# AquaRay Lighting Controller with DIY LED bar?



## zed (12 Jun 2012)

I'm looking to control some existing DIY LED lights I have, to create a sunrise/sunset effect.

Is there any reason why an Aquaray lighting controller couldn't be hooked up to a DIY LED bar that has 5 Cree XP-Gs? 

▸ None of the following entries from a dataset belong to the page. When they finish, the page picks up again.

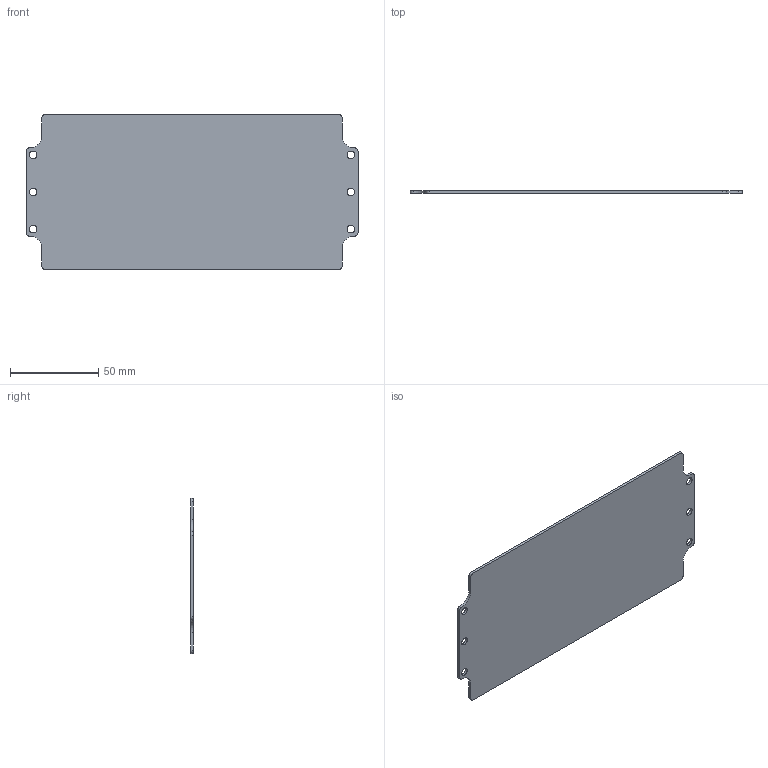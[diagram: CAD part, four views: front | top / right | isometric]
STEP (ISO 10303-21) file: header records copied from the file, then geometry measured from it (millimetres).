
FILE_DESCRIPTION(/* description */ (''),/* implementation_level */ '2;1');
FILE_NAME(/* name */ '1590Z145 PL.stp',/* time_stamp */ '2025-11-27T14:20:11-05:00',/* author */ ('mbeerman'),/* organization */ (''),/* preprocessor_version */ 'ST-DEVELOPER v20.1',/* originating_system */ 'Autodesk Inventor 2026',/* authorisation */ '');
FILE_SCHEMA (('AUTOMOTIVE_DESIGN { 1 0 10303 214 3 1 1 }'));
Length unit declared in the file: millimetre
Products named in the file (1): Part4
Bounding box: 188 x 1.5 x 88 mm (x, y, z)
Volume: 23705.9 mm3; surface area: 32532 mm2
Topology: 1 solids, 1 shells, 28 faces, 78 edges, 52 vertices
Faces by surface type: cylinder 18, plane 10
Full cylindrical faces by diameter (mm): 4.4 x6
Entity records: 985 total; most frequent: DIRECTION 172, CARTESIAN_POINT 159, ORIENTED_EDGE 156, EDGE_CURVE 78, AXIS2_PLACEMENT_3D 65, VERTEX_POINT 52, LINE 42, VECTOR 42

The other option I've been considering is the Flora-Mate controller connected to a 1-10v dimmable LED driver.

Advice appreciated!

Thanks.


----------



## Nathaniel Whiteside (12 Jun 2012)

Shouldnt be a problem, just find the right connectors.


----------



## zed (12 Jun 2012)

That's what I was hoping to hear. I'm planning on using the Aquaray 8 way controller linked in to some DIY 5 Cree LED bars on a sunrise /set cycle


----------



## Radik (12 Jun 2012)

Yes I run it this way but use 5x led per channel minimum else dimming would start only at 30% when I used just 4 for some reason. Also could be that I used XPG instead of XPE.


----------



## zed (13 Jun 2012)

Radik, did you experience any other issues with using DIY LEDs with the Aquaray controller?

Was it easy enough finding the right connectors to make the connection to the controller?


----------



## Radik (13 Jun 2012)

No issues. Connector with cable I found on ebay.


----------



## zed (14 Jun 2012)

Great, thanks


----------